Healthy Tuna Waldorf Salad

Healthy Tuna Waldorf Salad

A Healthy Tuna Waldorf Salad is a lighter, protein-packed twist on the classic Waldorf salad — traditionally created at the Waldorf Astoria New York. This version replaces heavy mayonnaise with Greek yogurt while combining tender tuna, crisp apples, celery, grapes, and crunchy walnuts for a refreshing, creamy, and nutritious meal. It’s perfect for lunch, meal prep, sandwiches, or a light dinner.

Time Required

Prep Time: 15 minutes

Cook Time: 0 minutes

Total Time: 15 minutes

Servings: 4

Ingredients

Main Ingredients

2 cans (5 oz each) tuna in water, drained

1 medium crisp apple (Honeycrisp or Fuji), diced

½ cup seedless grapes, halved

2 celery stalks, finely chopped

¼ cup red onion, finely chopped (optional)

¼ cup walnuts, chopped (or pecans)

¼ cup plain Greek yogurt (low-fat or full-fat)

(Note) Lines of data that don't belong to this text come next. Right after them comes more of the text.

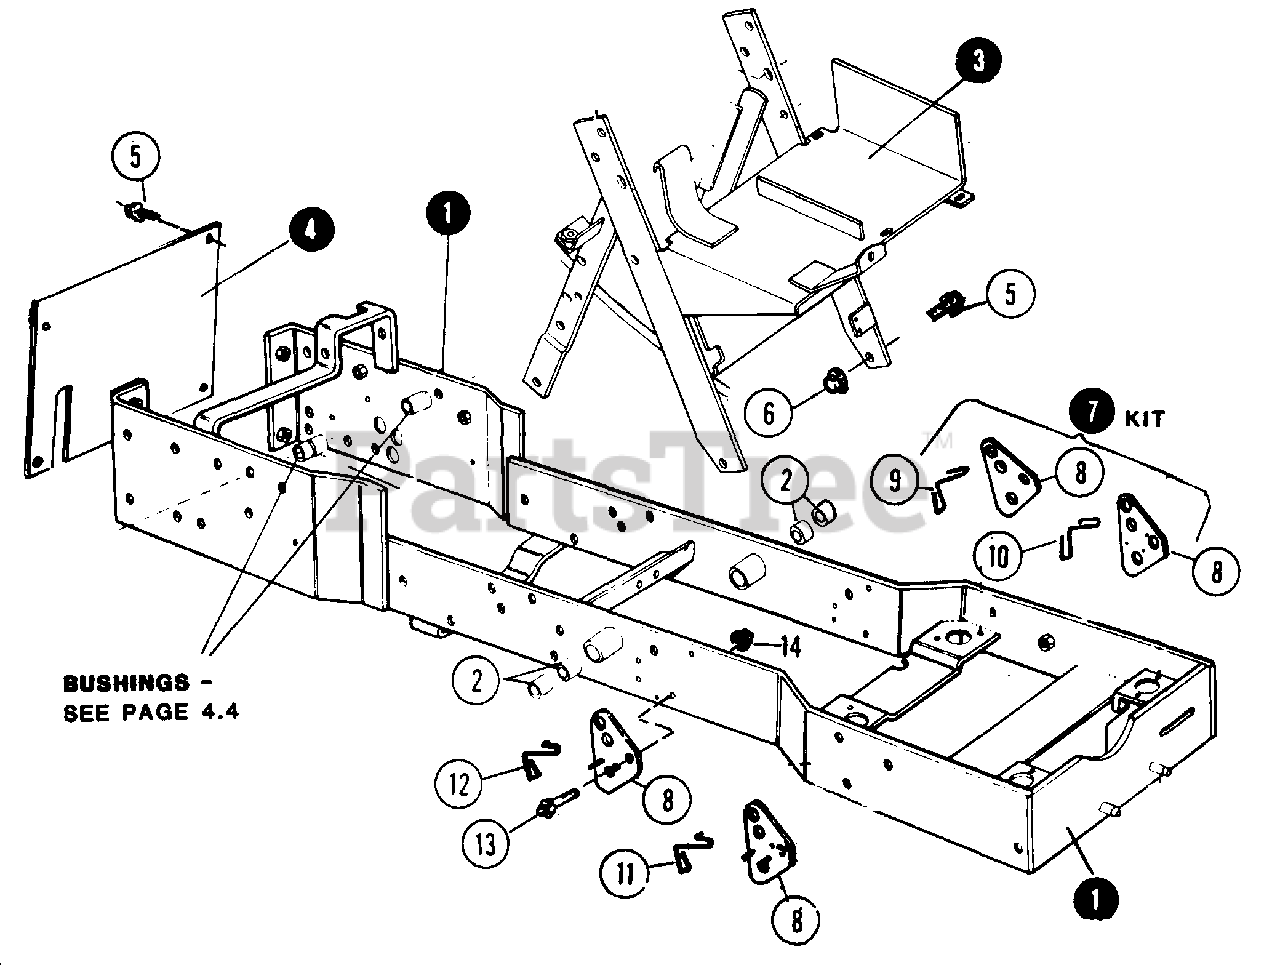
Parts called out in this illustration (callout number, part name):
1	FRAME ASSEMBLY
2	BUSHING
3	PEDESTAL FRAME
4	PLATE, REAR COVER
5	BOLT, 3/8C x 1 FLANGE
6	NUT, 3/8C FLANGE LOCK
7	KIT, IMPLEMENT MOUNTING
8	BRACKET, LINK PIVOT
9	SPRING, LEFT REAR
10	SPRING, LEFT FRONT
11	SPRING, RIGHT FRONT
12	SPRING, RIGHT REAR
13	BOLT, 5/16-18 x 1 HEX FLANGE LOCK
14	NUT, 5/16-18 HEX LOCK
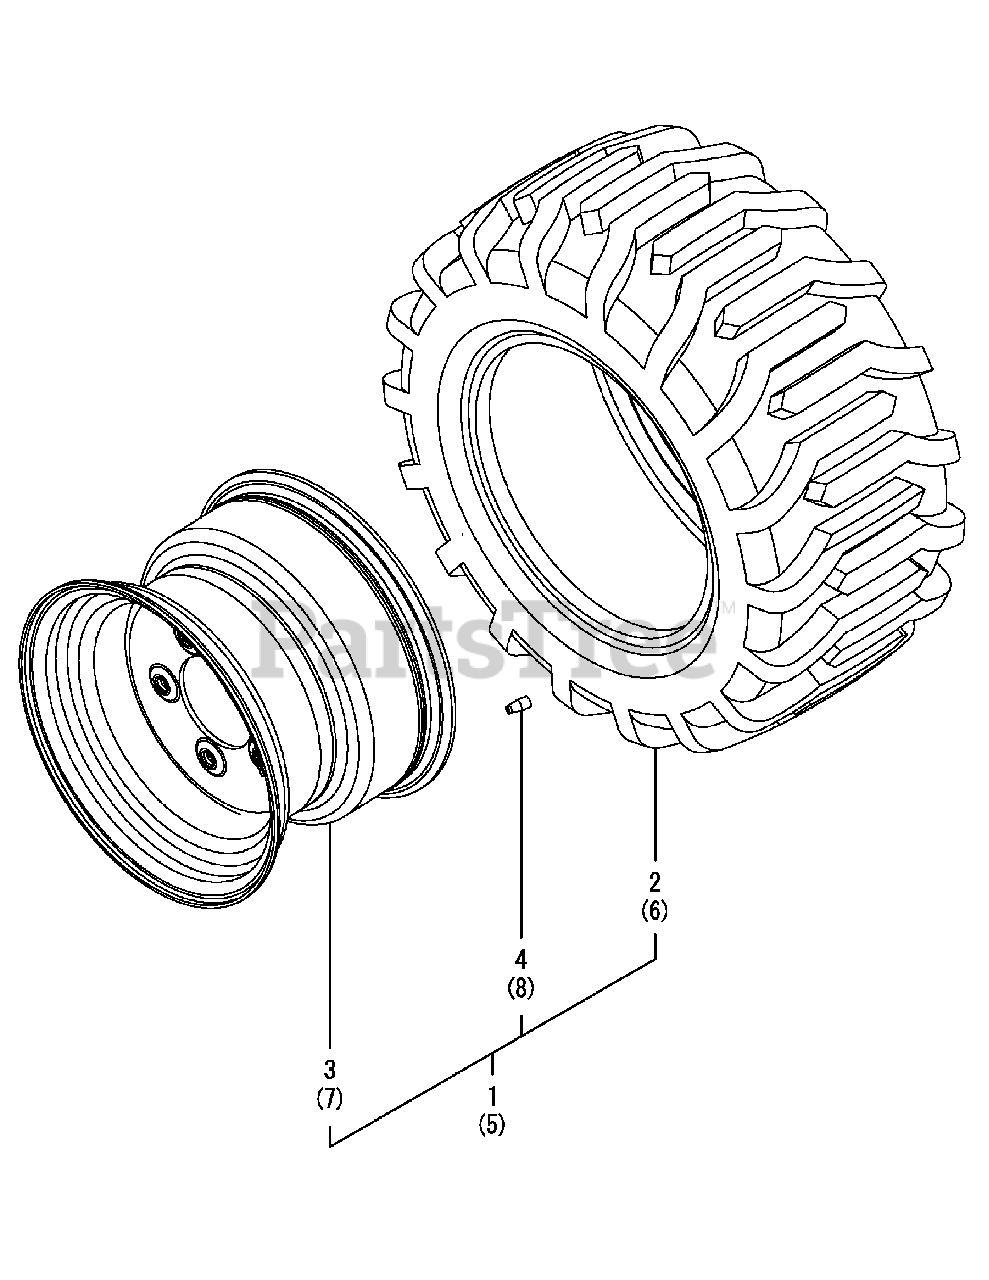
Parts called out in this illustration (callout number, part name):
1	R4 FRONT TIRE L KIT
2	TIRE,18X8.5-10 R4
5	R4 FRONT TIRE R KIT
6	TIRE,18X8.5-10 R4

2 tbsp light mayonnaise (optional for extra creaminess)

1 tbsp fresh lemon juice

1 tsp Dijon mustard (optional)

Salt, to taste

Black pepper, to taste

Optional Add-Ins

1 tbsp fresh parsley or dill

¼ tsp garlic powder

Mixed greens or lettuce leaves for serving

½ avocado, diced (for healthy fats)

Instructions

Step 1: Prepare the Ingredients

Drain tuna thoroughly and flake with a fork.

Dice the apple into small bite-sized pieces.

Chop celery, grapes, onion, and walnuts.

Step 2: Make the Dressing

In a medium bowl, whisk together:

Greek yogurt

Light mayonnaise (if using)

Lemon juice

Dijon mustard

Salt and pepper

Mix until smooth.

Step 3: Combine the Salad

Add tuna, apple, grapes, celery, onion, and walnuts to the bowl.

Gently fold everything together until evenly coated.

Step 4: Adjust & Chill

Taste and adjust seasoning.

Chill for 15–30 minutes (optional) for best flavor.

Step 5: Serve

Serve over greens, in lettuce wraps, whole-grain bread, or on its own.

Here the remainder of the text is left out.